More information is available via the company’s site.

6 thoughts on “Genki Instruments Intros Wave Wearable MIDI Controller

  1. Fantastic product! Just curious what the latency is of the bluetooth connection if you want to use percussive sounds.

  2. Hey Arthur, thanks man!

    The latency depends a lot on the hardware Wave is sending to. Bluetooth MIDI experts from Apple have told us that the minimum latency on a Mac is 17 milliseconds and that’s due to Bluetooth standard regulations.

    However, on an Android device you can go a lot lower and we’ve measured it under 10 milliseconds there.

    The musicians we’ve worked with have not had problems with the latency so far but I agree that it’s most relevant when it comes to percussive sounds. That’s the reason we are also releasing two receivers that will allow users to reduce the latency substantially.

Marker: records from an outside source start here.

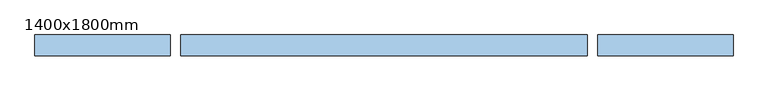
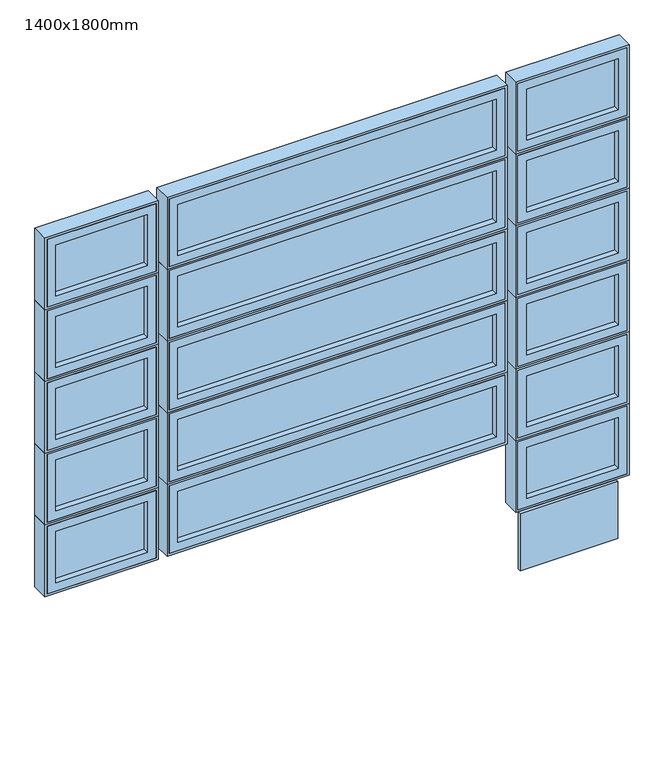
"""IFC4 building model written with IfcOpenShell, lengths in millimetres: window geometry, Janela Basculante 01 : 1400x1800mm."""

from ifc_helpers import new_model, si_unit, frame, origin, place, context, project, spatial, polyline, outline, extrude, faceted_brep, source, transform, mapped, element, save


def window_1400x1800mm_563ee437(model_context):
    return source(origin(), model_context, "Body", "SolidModel", [
        extrude(outline(polyline([(652.0, -29.6), (652.0, -36.6), (428.0, -36.6), (428.0, -29.6), (652.0, -29.6)])), frame((0.0, 0.0, 2164.0), z_axis=(0.0, 0.0, 1.0), x_axis=(1.0, 0.0, 0.0)), (0.0, 0.0, 1.0), 138.0),
        faceted_brep([(435.0, -50.6, 2295.0), (435.0, -50.6, 2171.0), (435.0, -36.6, 2171.0), (435.0, -36.6, 2295.0), (428.0, -36.6, 2302.0), (428.0, -36.6, 2164.0), (428.0, -29.6, 2164.0), (428.0, -29.6, 2302.0), (435.0, -29.6, 2295.0), (435.0, -29.6, 2171.0), (435.0, -15.6, 2171.0), (435.0, -15.6, 2295.0), (415.0, -15.6, 2315.0), (415.0, -15.6, 2151.0), (415.0, -50.6, 2151.0), (415.0, -50.6, 2315.0), (645.0, -50.6, 2171.0), (645.0, -36.6, 2171.0), (652.0, -36.6, 2164.0), (652.0, -29.6, 2164.0), (645.0, -29.6, 2171.0), (645.0, -15.6, 2171.0), (665.0, -15.6, 2151.0), (665.0, -50.6, 2151.0), (645.0, -50.6, 2295.0), (645.0, -36.6, 2295.0), (652.0, -36.6, 2302.0), (652.0, -29.6, 2302.0), (645.0, -29.6, 2295.0), (645.0, -15.6, 2295.0), (665.0, -15.6, 2315.0), (665.0, -50.6, 2315.0)], [[[0, 1, 2, 3]], [[4, 5, 6, 7]], [[8, 9, 10, 11]], [[12, 13, 14, 15]], [[1, 16, 17, 2]], [[5, 18, 19, 6]], [[9, 20, 21, 10]], [[13, 22, 23, 14]], [[16, 24, 25, 17]], [[18, 26, 27, 19]], [[20, 28, 29, 21]], [[22, 30, 31, 23]], [[15, 14, 23, 31], [1, 0, 24, 16]], [[24, 0, 3, 25]], [[5, 4, 26, 18], [3, 2, 17, 25]], [[26, 4, 7, 27]], [[7, 6, 19, 27], [9, 8, 28, 20]], [[28, 8, 11, 29]], [[13, 12, 30, 22], [11, 10, 21, 29]], [[30, 12, 15, 31]]]),
        faceted_brep([(415.0, -50.6, 2315.0), (415.0, -50.6, 2151.0), (415.0, -15.6, 2151.0), (415.0, -15.6, 2315.0), (420.0, -15.6, 2310.0), (420.0, -15.6, 2156.0), (420.0, -10.6, 2156.0), (420.0, -10.6, 2310.0), (410.0, -10.6, 2320.0), (410.0, -10.6, 2146.0), (410.0, -50.6, 2146.0), (410.0, -50.6, 2320.0), (665.0, -50.6, 2151.0), (665.0, -15.6, 2151.0), (660.0, -15.6, 2156.0), (660.0, -10.6, 2156.0), (670.0, -10.6, 2146.0), (670.0, -50.6, 2146.0), (665.0, -50.6, 2315.0), (665.0, -15.6, 2315.0), (660.0, -15.6, 2310.0), (660.0, -10.6, 2310.0), (670.0, -10.6, 2320.0), (670.0, -50.6, 2320.0)], [[[0, 1, 2, 3]], [[4, 5, 6, 7]], [[8, 9, 10, 11]], [[1, 12, 13, 2]], [[5, 14, 15, 6]], [[9, 16, 17, 10]], [[12, 18, 19, 13]], [[14, 20, 21, 15]], [[16, 22, 23, 17]], [[11, 10, 17, 23], [1, 0, 18, 12]], [[18, 0, 3, 19]], [[3, 2, 13, 19], [5, 4, 20, 14]], [[20, 4, 7, 21]], [[9, 8, 22, 16], [7, 6, 15, 21]], [[22, 8, 11, 23]]]),
        extrude(outline(polyline([(652.0, -29.6), (652.0, -36.6), (428.0, -36.6), (428.0, -29.6), (652.0, -29.6)])), frame((0.0, 0.0, 1990.0), z_axis=(0.0, 0.0, 1.0), x_axis=(1.0, 0.0, 0.0)), (0.0, 0.0, 1.0), 138.0),
        faceted_brep([(435.0, -50.6, 2121.0), (435.0, -50.6, 1997.0), (435.0, -36.6, 1997.0), (435.0, -36.6, 2121.0), (428.0, -36.6, 2128.0), (428.0, -36.6, 1990.0), (428.0, -29.6, 1990.0), (428.0, -29.6, 2128.0), (435.0, -29.6, 2121.0), (435.0, -29.6, 1997.0), (435.0, -15.6, 1997.0), (435.0, -15.6, 2121.0), (415.0, -15.6, 2141.0), (415.0, -15.6, 1977.0), (415.0, -50.6, 1977.0), (415.0, -50.6, 2141.0), (645.0, -50.6, 1997.0), (645.0, -36.6, 1997.0), (652.0, -36.6, 1990.0), (652.0, -29.6, 1990.0), (645.0, -29.6, 1997.0), (645.0, -15.6, 1997.0), (665.0, -15.6, 1977.0), (665.0, -50.6, 1977.0), (645.0, -50.6, 2121.0), (645.0, -36.6, 2121.0), (652.0, -36.6, 2128.0), (652.0, -29.6, 2128.0), (645.0, -29.6, 2121.0), (645.0, -15.6, 2121.0), (665.0, -15.6, 2141.0), (665.0, -50.6, 2141.0)], [[[0, 1, 2, 3]], [[4, 5, 6, 7]], [[8, 9, 10, 11]], [[12, 13, 14, 15]], [[1, 16, 17, 2]], [[5, 18, 19, 6]], [[9, 20, 21, 10]], [[13, 22, 23, 14]], [[16, 24, 25, 17]], [[18, 26, 27, 19]], [[20, 28, 29, 21]], [[22, 30, 31, 23]], [[15, 14, 23, 31], [1, 0, 24, 16]], [[24, 0, 3, 25]], [[5, 4, 26, 18], [3, 2, 17, 25]], [[26, 4, 7, 27]], [[7, 6, 19, 27], [9, 8, 28, 20]], [[28, 8, 11, 29]], [[13, 12, 30, 22], [11, 10, 21, 29]], [[30, 12, 15, 31]]]),
        faceted_brep([(415.0, -50.6, 2141.0), (415.0, -50.6, 1977.0), (415.0, -15.6, 1977.0), (415.0, -15.6, 2141.0), (420.0, -15.6, 2136.0), (420.0, -15.6, 1982.0), (420.0, -10.6, 1982.0), (420.0, -10.6, 2136.0), (410.0, -10.6, 2146.0), (410.0, -10.6, 1972.0), (410.0, -50.6, 1972.0), (410.0, -50.6, 2146.0), (665.0, -50.6, 1977.0), (665.0, -15.6, 1977.0), (660.0, -15.6, 1982.0), (660.0, -10.6, 1982.0), (670.0, -10.6, 1972.0), (670.0, -50.6, 1972.0), (665.0, -50.6, 2141.0), (665.0, -15.6, 2141.0), (660.0, -15.6, 2136.0), (660.0, -10.6, 2136.0), (670.0, -10.6, 2146.0), (670.0, -50.6, 2146.0)], [[[0, 1, 2, 3]], [[4, 5, 6, 7]], [[8, 9, 10, 11]], [[1, 12, 13, 2]], [[5, 14, 15, 6]], [[9, 16, 17, 10]], [[12, 18, 19, 13]], [[14, 20, 21, 15]], [[16, 22, 23, 17]], [[11, 10, 17, 23], [1, 0, 18, 12]], [[18, 0, 3, 19]], [[3, 2, 13, 19], [5, 4, 20, 14]], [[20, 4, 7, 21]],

    For modular setups we are releasing a Euro rack receiver and on that you can go below 1 millisecond in latency. The other receiver plugs into a USB port and although measured it exactly it should be the same latency that’s in regular MIDI keyboards.

  3. I would like to use a device like this but with it mounted on a joystick / ball device to generate X-Y-Z controller data.
    There was such a device launched about 1-2 years ago, shaped like a foot pedal but to be manipulated by hand.

    I don’t like the concept of ‘wearing’ devices, because I do a lot with my hands – playing keyboards, adjusting synth controls etc.